(Task requirements):
Take the line containing "STEP (ISO 10303-21)" and all lines after it to the end of the records, and output them exactly.

Collected data:

== == ==

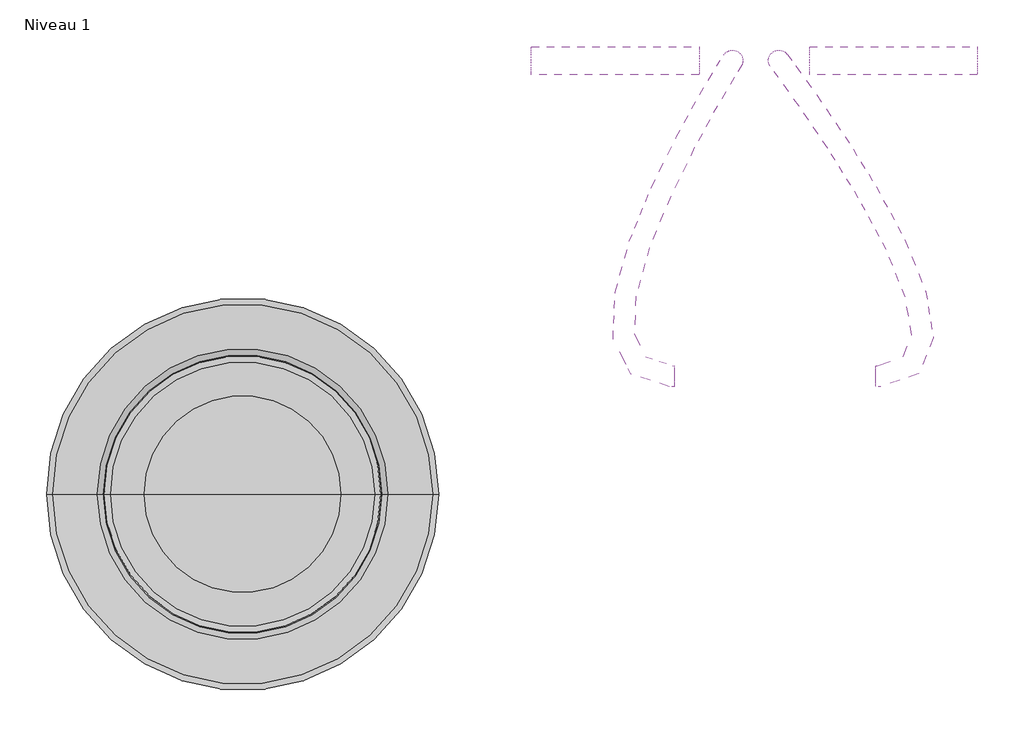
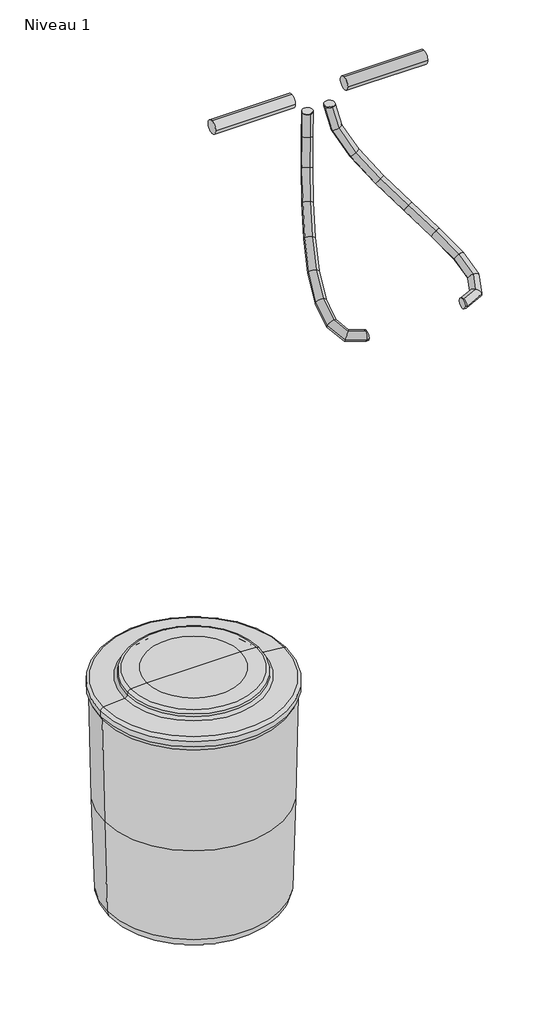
# One storey, incomplete: 4 pipe segments, 1 proxy.
"""IFC4 building model written with IfcOpenShell, lengths in millimetres."""

from ifc_helpers import new_model, si_unit, point, frame, frame_2d, origin, place, context, project, spatial, circle_curve, ellipse_curve, trimmed, segment, composite_curve, outline, extrude, transform, mapped, element, save
from ifc_brep_helpers import plane_surface, cylinder_surface, advanced_brep
from components import proxy_600x470_mm_3bed51a3

model = new_model("IFC4")

# Units and contexts
model_context = context("Model", 3, world=origin())
ifc_project = project(units=[si_unit("LENGTHUNIT", "METRE", prefix="MILLI")], contexts=[model_context])

# Site, building, storey
site = spatial("IfcSite", under=ifc_project)
building = spatial("IfcBuilding", under=site)
storey = spatial("IfcBuildingStorey", under=building, Name="Niveau 1", Elevation=0.0)

# Proxy
placement = place(None, origin())
proxy_600x470_mm_shape = proxy_600x470_mm_3bed51a3(model_context)
element("IfcBuildingElementProxy", 1, Name="BWT_Bac à sel type 1 : 600x470 mm", ObjectType="BWT_Bac à sel type 1 : 600x470 mm", at=placement, inside=storey, context=model_context, shape_type="MappedRepresentation", body=[
    mapped(proxy_600x470_mm_shape, transform((-2038.2618794, -1088.3928891, 0.0), x_axis=(1.0, 0.0, 0.0), y_axis=(0.0, 1.0, 0.0), z_axis=(0.0, 0.0, 1.0))),
])

# Pipe segments
element("IfcPipeSegment", 2, ObjectType="Souple - Circulaire", at=placement, inside=storey, context=model_context, shape_type="AdvancedBrep", body=[
    advanced_brep(
    [(-1410.8991799, -571.1251876, 1557.88203), (-1398.3991799, -583.6251876, 1557.88203), (-1385.8991799, -571.1251876, 1557.88203), (-1398.3991799, -558.6251876, 1557.88203), (-1410.8991799, -571.1251876, 1553.4096709), (-1398.3991799, -583.6251876, 1555.9627684), (-1385.8991799, -571.1251876, 1555.6002354), (-1398.3991799, -558.6251876, 1553.0471379), (-1282.5181347, -935.2835362, 1217.4101487), (-1282.5181347, -945.806693, 1203.2058124), (-1282.5181347, -960.0110293, 1213.7289693), (-1282.5181347, -949.4878725, 1227.9333056), (-1400.7839362, -584.588527, 1496.9173839), (-1389.2706701, -595.775189, 1504.9812587), (-1376.6119769, -583.4864089, 1503.732445), (-1388.125243, -572.2997469, 1495.6685703), (-1375.1225306, -620.1539461, 1439.5668995), (-1365.3624972, -628.9107156, 1451.549061), (-1352.3366356, -617.1308125, 1449.4796655), (-1362.096669, -608.3740429, 1437.497504), (-1340.7269979, -670.7879016, 1386.2979735), (-1332.0913584, -677.8894413, 1400.0215023), (-1318.667011, -666.6961526, 1397.3349652), (-1327.3026505, -659.5946128, 1383.6114364), (-1303.7642244, -730.2953708, 1337.9351191), (-1295.7234398, -736.439236, 1352.4369683), (-1281.8421064, -725.9816626, 1349.1525013), (-1289.882891, -719.8377974, 1334.6506522), (-1270.4016121, -792.4377596, 1295.6760349), (-1262.57739, -798.1782477, 1310.4521951), (-1248.1004095, -788.8301477, 1306.4132459), (-1255.9246316, -783.0896595, 1291.6370857), (-1246.8721966, -850.6513687, 1260.9944084), (-1238.9295701, -856.6847984, 1275.5960443), (-1223.6147747, -849.4095179, 1270.3221819), (-1231.5574011, -843.3760881, 1255.720546), (-1239.1779297, -897.3199337, 1235.9048151), (-1230.9218829, -905.2543735, 1249.4844447), (-1214.7891396, -902.9402484, 1241.5434043), (-1223.0451864, -895.0058086, 1227.9637747), (-1250.0556926, -924.815069, 1222.284188), (-1243.6224287, -937.3568588, 1233.5814139), (-1231.2925128, -944.6549358, 1220.8786505), (-1237.7257768, -932.113146, 1209.5814245), (-1280.9664581, -935.2835362, 1217.4101487), (-1279.4422783, -949.4878725, 1227.9333056), (-1276.6352168, -960.0110293, 1213.7289693), (-1278.1593966, -945.806693, 1203.2058124)],
    [
        (0, 1, circle_curve(frame((-1398.3991799, -571.1251876, 1557.88203), z_axis=(0.0, 0.0, 1.0), x_axis=(-1.0, 0.0, 0.0)), 12.5)),
        (1, 2, circle_curve(frame((-1398.3991799, -571.1251876, 1557.88203), z_axis=(0.0, 0.0, 1.0), x_axis=(-1.0, 0.0, 0.0)), 12.5)),
        (2, 3, circle_curve(frame((-1398.3991799, -571.1251876, 1557.88203), z_axis=(0.0, 0.0, 1.0), x_axis=(-1.0, 0.0, 0.0)), 12.5)),
        (3, 0, circle_curve(frame((-1398.3991799, -571.1251876, 1557.88203), z_axis=(0.0, 0.0, 1.0), x_axis=(-1.0, 0.0, 0.0)), 12.5)),
        (0, 4),
        (4, 5, ellipse_curve(frame((-1398.3991799, -571.1251876, 1554.5049531), z_axis=(-0.08670493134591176, 0.11540383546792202, 0.9895272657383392), x_axis=(0.5943832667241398, -0.7911211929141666, 0.14434607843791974)), 12.6322947, 12.5)),
        (5, 1),
        (5, 6, ellipse_curve(frame((-1398.3991799, -571.1251876, 1554.5049531), z_axis=(-0.08670493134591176, 0.11540383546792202, 0.9895272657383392), x_axis=(0.5943832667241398, -0.7911211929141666, 0.14434607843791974)), 12.6322947, 12.5)),
        (6, 2),
        (6, 7, ellipse_curve(frame((-1398.3991799, -571.1251876, 1554.5049531), z_axis=(-0.08670493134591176, 0.11540383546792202, 0.9895272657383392), x_axis=(0.5943832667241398, -0.7911211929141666, 0.14434607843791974)), 12.6322947, 12.5)),
        (7, 3),
        (7, 4, ellipse_curve(frame((-1398.3991799, -571.1251876, 1554.5049531), z_axis=(-0.08670493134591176, 0.11540383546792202, 0.9895272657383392), x_axis=(0.5943832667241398, -0.7911211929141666, 0.14434607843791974)), 12.6322947, 12.5)),
        (8, 9, circle_curve(frame((-1282.5181347, -947.6472828, 1215.569559), z_axis=(-1.0, 0.0, 0.0), x_axis=(0.0, 0.9890997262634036, 0.14724717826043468)), 12.5)),
        (9, 10, circle_curve(frame((-1282.5181347, -947.6472828, 1215.569559), z_axis=(-1.0, 0.0, 0.0), x_axis=(0.0, 0.9890997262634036, 0.14724717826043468)), 12.5)),
        (10, 11, circle_curve(frame((-1282.5181347, -947.6472828, 1215.569559), z_axis=(-1.0, 0.0, 0.0), x_axis=(0.0, 0.9890997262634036, 0.14724717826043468)), 12.5)),
        (11, 8, circle_curve(frame((-1282.5181347, -947.6472828, 1215.569559), z_axis=(-1.0, 0.0, 0.0), x_axis=(0.0, 0.9890997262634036, 0.14724717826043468)), 12.5)),
        (4, 12),
        (12, 13, ellipse_curve(frame((-1388.6979565, -584.0374679, 1500.3249145), z_axis=(-0.267920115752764, 0.3665300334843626, 0.8909963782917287), x_axis=(0.5089060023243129, -0.7314220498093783, 0.4539123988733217)), 12.7090312, 12.5)),
        (13, 5),
        (13, 14, ellipse_curve(frame((-1388.6979565, -584.0374679, 1500.3249145), z_axis=(-0.267920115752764, 0.3665300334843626, 0.8909963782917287), x_axis=(0.5089060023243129, -0.7314220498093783, 0.4539123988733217)), 12.7090312, 12.5)),
        (14, 6),
        (14, 15, ellipse_curve(frame((-1388.6979565, -584.0374679, 1500.3249145), z_axis=(-0.267920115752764, 0.3665300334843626, 0.8909963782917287), x_axis=(0.5089060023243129, -0.7314220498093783, 0.4539123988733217)), 12.7090312, 12.5)),
        (15, 7),
        (15, 12, ellipse_curve(frame((-1388.6979565, -584.0374679, 1500.3249145), z_axis=(-0.267920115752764, 0.3665300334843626, 0.8909963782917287), x_axis=(0.5089060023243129, -0.7314220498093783, 0.4539123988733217)), 12.7090312, 12.5)),
        (12, 16),
        (16, 17, ellipse_curve(frame((-1363.7295831, -618.6423793, 1444.5232825), z_axis=(-0.39166711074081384, 0.561185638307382, 0.7291553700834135), x_axis=(0.33820295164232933, -0.6491862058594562, 0.6813046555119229)), 12.5644945, 12.5)),
        (17, 13),
        (17, 18, ellipse_curve(frame((-1363.7295831, -618.6423793, 1444.5232825), z_axis=(-0.39166711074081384, 0.561185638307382, 0.7291553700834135), x_axis=(0.33820295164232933, -0.6491862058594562, 0.6813046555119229)), 12.5644945, 12.5)),
        (18, 14),
        (18, 19, ellipse_curve(frame((-1363.7295831, -618.6423793, 1444.5232825), z_axis=(-0.39166711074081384, 0.561185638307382, 0.7291553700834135), x_axis=(0.33820295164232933, -0.6491862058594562, 0.6813046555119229)), 12.5644945, 12.5)),
        (19, 15),
        (19, 16, ellipse_curve(frame((-1363.7295831, -618.6423793, 1444.5232825), z_axis=(-0.39166711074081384, 0.561185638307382, 0.7291553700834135), x_axis=(0.33820295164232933, -0.6491862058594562, 0.6813046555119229)), 12.5644945, 12.5)),
        (16, 20),
        (20, 21, ellipse_curve(frame((-1329.6970044, -668.7420271, 1391.8164693), z_axis=(-0.4297757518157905, 0.662649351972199, 0.6133421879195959), x_axis=(0.08880641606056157, -0.6449611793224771, 0.759037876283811)), 12.5212156, 12.5)),
        (21, 17),
        (21, 22, ellipse_curve(frame((-1329.6970044, -668.7420271, 1391.8164693), z_axis=(-0.4297757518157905, 0.662649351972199, 0.6133421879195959), x_axis=(0.08880641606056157, -0.6449611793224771, 0.759037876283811)), 12.5212156, 12.5)),
        (22, 18),
        (22, 23, ellipse_curve(frame((-1329.6970044, -668.7420271, 1391.8164693), z_axis=(-0.4297757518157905, 0.662649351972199, 0.6133421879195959), x_axis=(0.08880641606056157, -0.6449611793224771, 0.759037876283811)), 12.5212156, 12.5)),
        (23, 19),
        (23, 20, ellipse_curve(frame((-1329.6970044, -668.7420271, 1391.8164693), z_axis=(-0.4297757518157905, 0.662649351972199, 0.6133421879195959), x_axis=(0.08880641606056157, -0.6449611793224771, 0.759037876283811)), 12.5212156, 12.5)),
        (20, 24),
        (24, 25, ellipse_curve(frame((-1292.8031654, -728.1385167, 1343.5438102), z_axis=(-0.42035312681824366, 0.7280525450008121, 0.5415189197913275), x_axis=(-0.3410222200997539, -0.6798167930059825, 0.6492711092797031)), 12.5108934, 12.5)),
        (25, 21),
        (25, 26, ellipse_curve(frame((-1292.8031654, -728.1385167, 1343.5438102), z_axis=(-0.42035312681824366, 0.7280525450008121, 0.5415189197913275), x_axis=(-0.3410222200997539, -0.6798167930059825, 0.6492711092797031)), 12.5108934, 12.5)),
        (26, 22),
        (26, 27, ellipse_curve(frame((-1292.8031654, -728.1385167, 1343.5438102), z_axis=(-0.42035312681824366, 0.7280525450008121, 0.5415189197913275), x_axis=(-0.3410222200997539, -0.6798167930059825, 0.6492711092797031)), 12.5108934, 12.5)),
        (27, 23),
        (27, 24, ellipse_curve(frame((-1292.8031654, -728.1385167, 1343.5438102), z_axis=(-0.42035312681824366, 0.7280525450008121, 0.5415189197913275), x_axis=(-0.3410222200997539, -0.6798167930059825, 0.6492711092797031)), 12.5108934, 12.5)),
        (24, 28),
        (28, 29, ellipse_curve(frame((-1259.2510108, -790.6339536, 1301.0446404), z_axis=(-0.36735532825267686, 0.7846599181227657, 0.49935846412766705), x_axis=(-0.7741894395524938, -0.5555167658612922, 0.3033674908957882)), 12.5157824, 12.5)),
        (29, 25),
        (29, 30, ellipse_curve(frame((-1259.2510108, -790.6339536, 1301.0446404), z_axis=(-0.36735532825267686, 0.7846599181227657, 0.49935846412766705), x_axis=(-0.7741894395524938, -0.5555167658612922, 0.3033674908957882)), 12.5157824, 12.5)),
        (30, 26),
        (30, 31, ellipse_curve(frame((-1259.2510108, -790.6339536, 1301.0446404), z_axis=(-0.36735532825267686, 0.7846599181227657, 0.49935846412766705), x_axis=(-0.7741894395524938, -0.5555167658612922, 0.3033674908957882)), 12.5157824, 12.5)),
        (31, 27),
        (31, 28, ellipse_curve(frame((-1259.2510108, -790.6339536, 1301.0446404), z_axis=(-0.36735532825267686, 0.7846599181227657, 0.49935846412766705), x_axis=(-0.7741894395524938, -0.5555167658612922, 0.3033674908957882)), 12.5157824, 12.5)),
        (28, 32),
        (32, 33, ellipse_curve(frame((-1235.2434856, -850.0304433, 1265.6582952), z_axis=(-0.2369889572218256, 0.8456055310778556, 0.47831738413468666), x_axis=(-0.9479698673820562, -0.3090070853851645, 0.07660125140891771)), 12.5594914, 12.5)),
        (33, 29),
        (33, 34, ellipse_curve(frame((-1235.2434856, -850.0304433, 1265.6582952), z_axis=(-0.2369889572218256, 0.8456055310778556, 0.47831738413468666), x_axis=(-0.9479698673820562, -0.3090070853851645, 0.07660125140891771)), 12.5594914, 12.5)),
        (34, 30),
        (34, 35, ellipse_curve(frame((-1235.2434856, -850.0304433, 1265.6582952), z_axis=(-0.2369889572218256, 0.8456055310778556, 0.47831738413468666), x_axis=(-0.9479698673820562, -0.3090070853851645, 0.07660125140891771)), 12.5594914, 12.5)),
        (35, 31),
        (35, 32, ellipse_curve(frame((-1235.2434856, -850.0304433, 1265.6582952), z_axis=(-0.2369889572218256, 0.8456055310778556, 0.47831738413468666), x_axis=(-0.9479698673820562, -0.3090070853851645, 0.07660125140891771)), 12.5594914, 12.5)),
        (32, 36),
        (36, 37, ellipse_curve(frame((-1226.9835346, -900.1300911, 1238.7241097), z_axis=(0.09809549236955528, 0.8840818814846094, 0.4569206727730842), x_axis=(-0.9929489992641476, 0.05624384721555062, 0.1043499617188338)), 12.8783673, 12.5)),
        (37, 33),
        (37, 38, ellipse_curve(frame((-1226.9835346, -900.1300911, 1238.7241097), z_axis=(0.09809549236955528, 0.8840818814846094, 0.4569206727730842), x_axis=(-0.9929489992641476, 0.05624384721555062, 0.1043499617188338)), 12.8783673, 12.5)),
        (38, 34),
        (38, 39, ellipse_curve(frame((-1226.9835346, -900.1300911, 1238.7241097), z_axis=(0.09809549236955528, 0.8840818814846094, 0.4569206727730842), x_axis=(-0.9929489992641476, 0.05624384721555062, 0.1043499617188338)), 12.8783673, 12.5)),
        (39, 35),
        (39, 36, ellipse_curve(frame((-1226.9835346, -900.1300911, 1238.7241097), z_axis=(0.09809549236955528, 0.8840818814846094, 0.4569206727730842), x_axis=(-0.9929489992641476, 0.05624384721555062, 0.1043499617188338)), 12.8783673, 12.5)),
        (36, 40),
        (40, 41, ellipse_curve(frame((-1240.6741027, -934.7350024, 1221.5814192), z_axis=(0.7011505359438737, 0.6409743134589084, 0.31231371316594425), x_axis=(-0.7129371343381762, 0.6238418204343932, 0.3202218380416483)), 13.7923827, 12.5)),
        (41, 37),
        (41, 42, ellipse_curve(frame((-1240.6741027, -934.7350024, 1221.5814192), z_axis=(0.7011505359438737, 0.6409743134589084, 0.31231371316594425), x_axis=(-0.7129371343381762, 0.6238418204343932, 0.3202218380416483)), 13.7923827, 12.5)),
        (42, 38),
        (42, 43, ellipse_curve(frame((-1240.6741027, -934.7350024, 1221.5814192), z_axis=(0.7011505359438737, 0.6409743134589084, 0.31231371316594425), x_axis=(-0.7129371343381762, 0.6238418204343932, 0.3202218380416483)), 13.7923827, 12.5)),
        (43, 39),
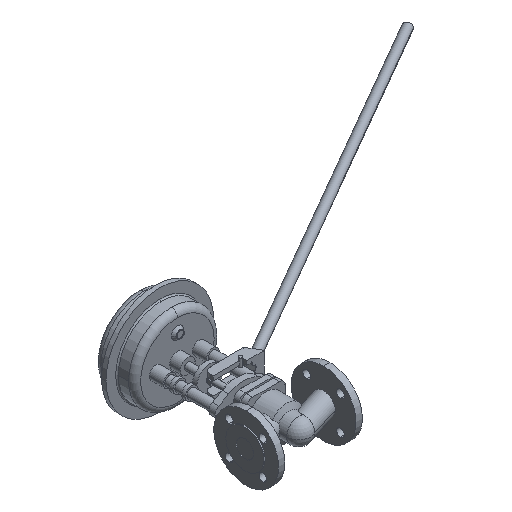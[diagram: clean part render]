
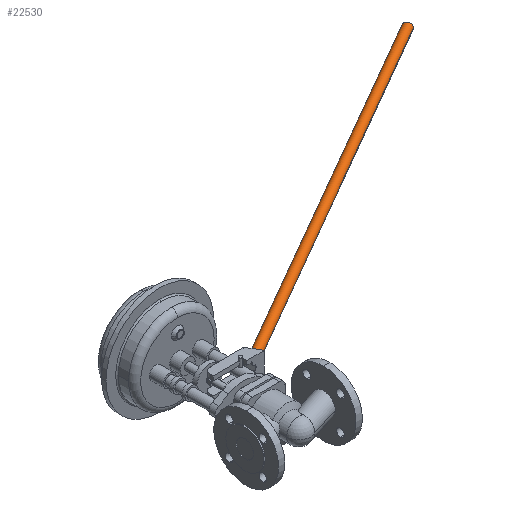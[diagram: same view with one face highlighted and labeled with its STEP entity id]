
A CAD part, isometric view. The second image highlights one B-rep face of the part: STEP entity #22530.
In plain terms, the highlighted cylindrical face has radius 10 mm (diameter 20 mm), a partial arc.
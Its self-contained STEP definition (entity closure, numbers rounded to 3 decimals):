
#22120=CARTESIAN_POINT('',(603.037,408.26,
0.));
#22130=DIRECTION('',(-0.866,-0.5,0.));
#22140=DIRECTION('',(0.5,-0.866,0.));
#22150=AXIS2_PLACEMENT_3D('',#22120,#22130,#22140);
#22160=CYLINDRICAL_SURFACE('',#22150,10.);
#22170=CARTESIAN_POINT('',(608.037,399.599,
0.));
#22180=DIRECTION('',(-0.866,-0.5,0.));
#22190=VECTOR('',#22180,1.);
#22200=LINE('',#22170,#22190);
#22210=CARTESIAN_POINT('',(1038.884,648.349,
0.));
#22220=VERTEX_POINT('',#22210);
#22230=CARTESIAN_POINT('',(190.179,158.349,
0.));
#22240=VERTEX_POINT('',#22230);
#22250=EDGE_CURVE('',#22220,#22240,#22200,.T.);
#22260=ORIENTED_EDGE('',*,*,#22250,.F.);
#22270=CARTESIAN_POINT('',(185.179,167.01,
0.));
#22280=DIRECTION('',(-0.866,-0.5,0.));
#22290=DIRECTION('',(0.5,-0.866,
0.));
#22300=AXIS2_PLACEMENT_3D('',#22270,#22280,#22290);
#22310=CIRCLE('',#22300,10.);
#22320=CARTESIAN_POINT('',(180.179,175.67,
0.));
#22330=VERTEX_POINT('',#22320);
#22340=EDGE_CURVE('',#22240,#22330,#22310,.T.);
#22350=ORIENTED_EDGE('',*,*,#22340,.F.);
#22360=CARTESIAN_POINT('',(598.037,416.92,
0.));
#22370=DIRECTION('',(-0.866,-0.5,0.));
#22380=VECTOR('',#22370,1.);
#22390=LINE('',#22360,#22380);
#22400=CARTESIAN_POINT('',(1028.884,665.67,
0.));
#22410=VERTEX_POINT('',#22400);
#22420=EDGE_CURVE('',#22410,#22330,#22390,.T.);
#22430=ORIENTED_EDGE('',*,*,#22420,.T.);
#22440=CARTESIAN_POINT('',(1033.884,657.01,
0.));
#22450=DIRECTION('',(0.866,0.5,0.));
#22460=DIRECTION('',(0.5,-0.866,0.));
#22470=AXIS2_PLACEMENT_3D('',#22440,#22450,#22460);
#22480=CIRCLE('',#22470,10.);
#22490=EDGE_CURVE('',#22410,#22220,#22480,.T.);
#22500=ORIENTED_EDGE('',*,*,#22490,.F.);
#22510=EDGE_LOOP('',(#22500,#22430,#22350,#22260));
#22520=FACE_OUTER_BOUND('',#22510,.T.);
#22530=ADVANCED_FACE('',(#22520),#22160,.T.);
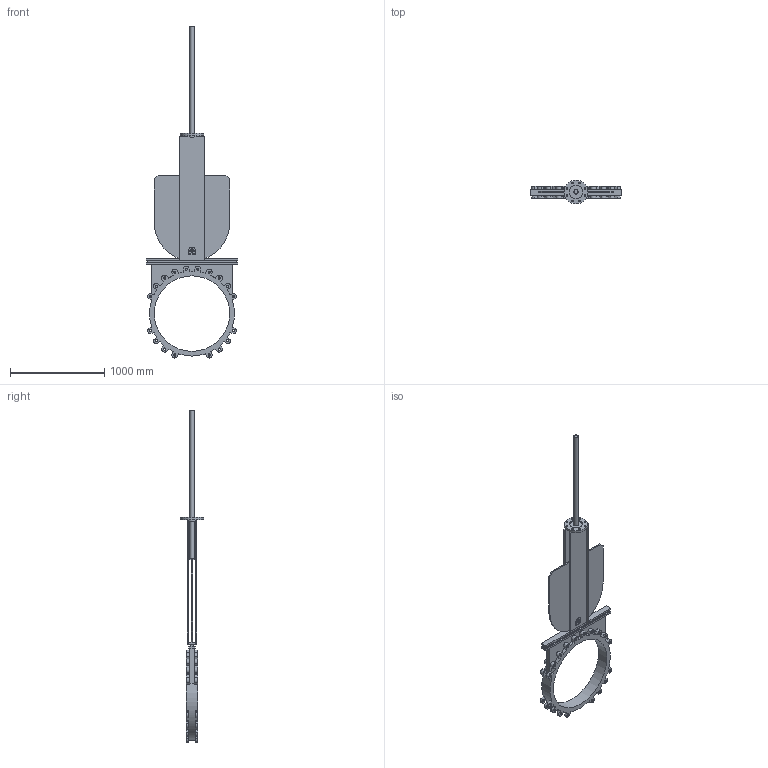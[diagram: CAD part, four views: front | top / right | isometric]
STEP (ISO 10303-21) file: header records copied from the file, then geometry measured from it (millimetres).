
FILE_DESCRIPTION(('STEP AP203'), '1');
FILE_NAME('K21GVA_DN800', '', ('UNSPECIFIED'), ('UNSPECIFIED'), 'ASCON STEP Converter 1.6', 'ASCON Math Kernel', '');
FILE_SCHEMA(('CONFIG_CONTROL_DESIGN'));
Length unit declared in the file: millimetre
Bounding box: 975 x 250 x 3521.17 mm (x, y, z)
Volume: 44119707.1 mm3; surface area: 5100060.2 mm2
Topology: 1 solids, 1 shells, 373 faces, 1065 edges, 703 vertices
Faces by surface type: plane 184, cylinder 168, cone 21
Full cylindrical faces by diameter (mm): 18 x8, 23.752 x36, 46 x2, 80 x1, 140 x1, 250 x1, 800 x1, 901 x1
Entity records: 14882 total; most frequent: DIRECTION 2140, CARTESIAN_POINT 2030, ORIENTED_EDGE 1946, EDGE_CURVE 973, AXIS2_PLACEMENT_3D 793, VERTEX_POINT 683, LINE 554, VECTOR 554

== == ==

(Output below):
STEP (ISO 10303-21) file: header records copied from the file, then geometry measured from it (millimetres).
FILE_DESCRIPTION(('STEP AP203'), '1');
FILE_NAME('K21GVA_DN800', '', ('UNSPECIFIED'), ('UNSPECIFIED'), 'ASCON STEP Converter 1.6', 'ASCON Math Kernel', '');
FILE_SCHEMA(('CONFIG_CONTROL_DESIGN'));
Length unit declared in the file: millimetre
Bounding box: 975 x 250 x 3521.17 mm (x, y, z)
Volume: 44119707.1 mm3; surface area: 5100060.2 mm2
Topology: 1 solids, 1 shells, 373 faces, 1065 edges, 703 vertices
Faces by surface type: plane 184, cylinder 168, cone 21
Full cylindrical faces by diameter (mm): 18 x8, 23.752 x36, 46 x2, 80 x1, 140 x1, 250 x1, 800 x1, 901 x1
Entity records: 14882 total; most frequent: DIRECTION 2140, CARTESIAN_POINT 2030, ORIENTED_EDGE 1946, EDGE_CURVE 973, AXIS2_PLACEMENT_3D 793, VERTEX_POINT 683, LINE 554, VECTOR 554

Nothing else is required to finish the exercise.